This repository contains the code that I wrote to train reinforcement-learning agents for The Royal Game of Ur and a version of the game Mancala. See the Portfolio page on my website for more details.
Currently the repository only contains parameters for the on-policy Q-Learning Monte Carlo (q_mc) agent of the Royal Game of Ur. To use it
- clone this repository,
- install the python packages given in requirements.txt (I created this on Python version 3.11.3) and
- go to the subfolder Royal_Game_of_Ur and run
python play_game.py.
When you start the program you should see the list of available RL agents, which in this case is just the q_mc model. Then you can enter the names of the two players. If one of the two names is q_mc then the RL agent is used. If none of the two names is q_mc then a game between two human players will be started.
During the game you see the randomly chosen roll of the die. When it's your turn you'll have to click on the square where you want your stone to land. When it's the RL agent's turn you have to click anywhere to make it move. Depending on your computer it may take a second or two for the agent to make its move. If you're unfamiliar with the rules of the game then please check out its Wikipedia page.
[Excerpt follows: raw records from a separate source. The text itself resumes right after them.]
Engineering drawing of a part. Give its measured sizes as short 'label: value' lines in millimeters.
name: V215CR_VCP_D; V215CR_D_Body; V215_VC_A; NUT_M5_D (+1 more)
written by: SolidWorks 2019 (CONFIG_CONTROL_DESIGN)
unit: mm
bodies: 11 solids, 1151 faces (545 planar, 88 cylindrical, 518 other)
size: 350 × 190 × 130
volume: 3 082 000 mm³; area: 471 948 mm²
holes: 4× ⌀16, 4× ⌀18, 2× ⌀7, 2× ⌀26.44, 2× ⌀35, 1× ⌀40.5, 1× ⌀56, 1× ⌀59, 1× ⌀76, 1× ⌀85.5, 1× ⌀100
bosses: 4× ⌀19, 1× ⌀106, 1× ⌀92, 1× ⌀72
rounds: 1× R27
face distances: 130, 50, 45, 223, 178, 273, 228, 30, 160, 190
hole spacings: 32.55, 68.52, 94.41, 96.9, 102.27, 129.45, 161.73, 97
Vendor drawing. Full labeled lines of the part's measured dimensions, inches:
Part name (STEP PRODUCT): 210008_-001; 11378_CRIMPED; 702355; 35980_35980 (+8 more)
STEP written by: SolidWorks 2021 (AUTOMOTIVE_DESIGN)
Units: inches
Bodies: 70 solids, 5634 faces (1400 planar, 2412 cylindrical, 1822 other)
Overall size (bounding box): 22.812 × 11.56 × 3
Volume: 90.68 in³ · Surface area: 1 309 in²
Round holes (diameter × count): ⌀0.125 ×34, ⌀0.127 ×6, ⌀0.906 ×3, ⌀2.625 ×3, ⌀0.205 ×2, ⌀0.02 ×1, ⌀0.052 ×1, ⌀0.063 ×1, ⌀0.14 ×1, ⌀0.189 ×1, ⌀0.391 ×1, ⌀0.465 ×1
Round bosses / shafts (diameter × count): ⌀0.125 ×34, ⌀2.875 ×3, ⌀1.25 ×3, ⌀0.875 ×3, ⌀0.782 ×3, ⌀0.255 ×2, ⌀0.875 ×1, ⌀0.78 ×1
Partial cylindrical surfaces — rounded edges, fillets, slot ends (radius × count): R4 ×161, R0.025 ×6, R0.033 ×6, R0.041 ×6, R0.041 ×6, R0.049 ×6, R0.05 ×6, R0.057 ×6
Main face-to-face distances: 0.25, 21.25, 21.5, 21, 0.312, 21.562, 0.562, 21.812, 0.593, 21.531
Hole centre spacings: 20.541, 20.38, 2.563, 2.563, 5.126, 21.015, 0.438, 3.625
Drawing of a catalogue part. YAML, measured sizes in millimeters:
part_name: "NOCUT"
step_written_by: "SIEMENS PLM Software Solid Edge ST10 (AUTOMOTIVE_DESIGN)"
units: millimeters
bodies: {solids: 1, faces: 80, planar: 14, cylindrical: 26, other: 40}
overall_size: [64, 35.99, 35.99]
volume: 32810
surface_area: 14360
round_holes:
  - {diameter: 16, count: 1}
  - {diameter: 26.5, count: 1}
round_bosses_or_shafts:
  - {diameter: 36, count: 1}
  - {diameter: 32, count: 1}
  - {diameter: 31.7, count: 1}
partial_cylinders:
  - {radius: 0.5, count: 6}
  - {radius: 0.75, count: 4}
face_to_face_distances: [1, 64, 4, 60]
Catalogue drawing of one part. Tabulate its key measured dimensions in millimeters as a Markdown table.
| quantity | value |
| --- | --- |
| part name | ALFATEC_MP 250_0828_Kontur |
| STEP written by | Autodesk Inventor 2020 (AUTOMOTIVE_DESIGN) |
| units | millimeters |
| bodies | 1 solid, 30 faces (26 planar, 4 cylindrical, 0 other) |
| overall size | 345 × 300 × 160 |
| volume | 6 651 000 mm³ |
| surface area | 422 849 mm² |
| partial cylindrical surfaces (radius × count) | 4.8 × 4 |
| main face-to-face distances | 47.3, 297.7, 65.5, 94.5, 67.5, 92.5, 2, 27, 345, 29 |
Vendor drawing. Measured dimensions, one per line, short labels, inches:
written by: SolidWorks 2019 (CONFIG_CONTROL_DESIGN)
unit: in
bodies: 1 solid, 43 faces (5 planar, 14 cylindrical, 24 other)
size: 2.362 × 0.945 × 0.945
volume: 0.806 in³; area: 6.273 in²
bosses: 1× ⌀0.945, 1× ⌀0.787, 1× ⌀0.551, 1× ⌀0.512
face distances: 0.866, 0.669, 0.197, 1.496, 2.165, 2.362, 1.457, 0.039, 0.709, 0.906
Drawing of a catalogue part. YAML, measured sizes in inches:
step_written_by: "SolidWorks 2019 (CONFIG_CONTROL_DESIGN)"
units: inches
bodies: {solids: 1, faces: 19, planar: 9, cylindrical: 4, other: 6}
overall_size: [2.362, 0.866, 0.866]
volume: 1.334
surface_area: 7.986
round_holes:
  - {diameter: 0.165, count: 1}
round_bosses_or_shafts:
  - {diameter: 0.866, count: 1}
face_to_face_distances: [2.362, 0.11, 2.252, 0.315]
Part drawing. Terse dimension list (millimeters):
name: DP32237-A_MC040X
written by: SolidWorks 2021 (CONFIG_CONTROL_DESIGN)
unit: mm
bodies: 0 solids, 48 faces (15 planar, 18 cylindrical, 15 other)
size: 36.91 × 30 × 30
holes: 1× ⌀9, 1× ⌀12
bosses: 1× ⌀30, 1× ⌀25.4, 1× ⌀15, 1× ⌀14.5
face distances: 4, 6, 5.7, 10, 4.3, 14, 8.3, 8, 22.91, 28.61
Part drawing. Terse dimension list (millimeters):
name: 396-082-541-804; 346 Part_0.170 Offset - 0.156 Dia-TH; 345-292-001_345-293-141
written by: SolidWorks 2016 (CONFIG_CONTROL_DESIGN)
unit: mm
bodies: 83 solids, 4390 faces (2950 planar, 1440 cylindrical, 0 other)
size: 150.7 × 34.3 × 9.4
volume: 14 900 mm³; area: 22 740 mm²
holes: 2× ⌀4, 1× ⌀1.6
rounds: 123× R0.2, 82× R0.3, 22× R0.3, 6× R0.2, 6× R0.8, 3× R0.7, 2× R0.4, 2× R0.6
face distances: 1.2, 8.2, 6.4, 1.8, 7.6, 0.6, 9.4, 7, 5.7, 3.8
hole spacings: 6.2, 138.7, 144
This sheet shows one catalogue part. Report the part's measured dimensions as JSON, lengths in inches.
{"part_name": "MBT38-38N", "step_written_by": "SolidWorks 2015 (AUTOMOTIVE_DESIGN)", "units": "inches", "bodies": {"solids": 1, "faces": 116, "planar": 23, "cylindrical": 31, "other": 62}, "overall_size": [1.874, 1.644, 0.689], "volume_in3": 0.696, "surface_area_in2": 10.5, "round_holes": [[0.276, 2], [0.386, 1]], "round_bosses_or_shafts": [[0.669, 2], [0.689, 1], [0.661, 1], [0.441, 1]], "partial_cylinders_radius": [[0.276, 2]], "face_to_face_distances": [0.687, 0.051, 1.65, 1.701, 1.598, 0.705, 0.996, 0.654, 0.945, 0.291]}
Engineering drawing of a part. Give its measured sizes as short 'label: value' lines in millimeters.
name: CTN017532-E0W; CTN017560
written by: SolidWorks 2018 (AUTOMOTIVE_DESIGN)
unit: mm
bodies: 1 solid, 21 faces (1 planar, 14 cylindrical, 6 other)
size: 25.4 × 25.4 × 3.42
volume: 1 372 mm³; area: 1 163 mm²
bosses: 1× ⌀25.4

You can also run python play_match.py n_games for a match over n_games games.
Note, the requirements file only contains the required packages to play the game, not to train it. My code uses JAX and the requirements file downloads the CPU version of JAX. If you want to train models then you should probably install the GPU version of JAX, jax[cuda12], and you may also need additional packages. I've tested the code on two Arch Linux computers and on a MacBook Air M1.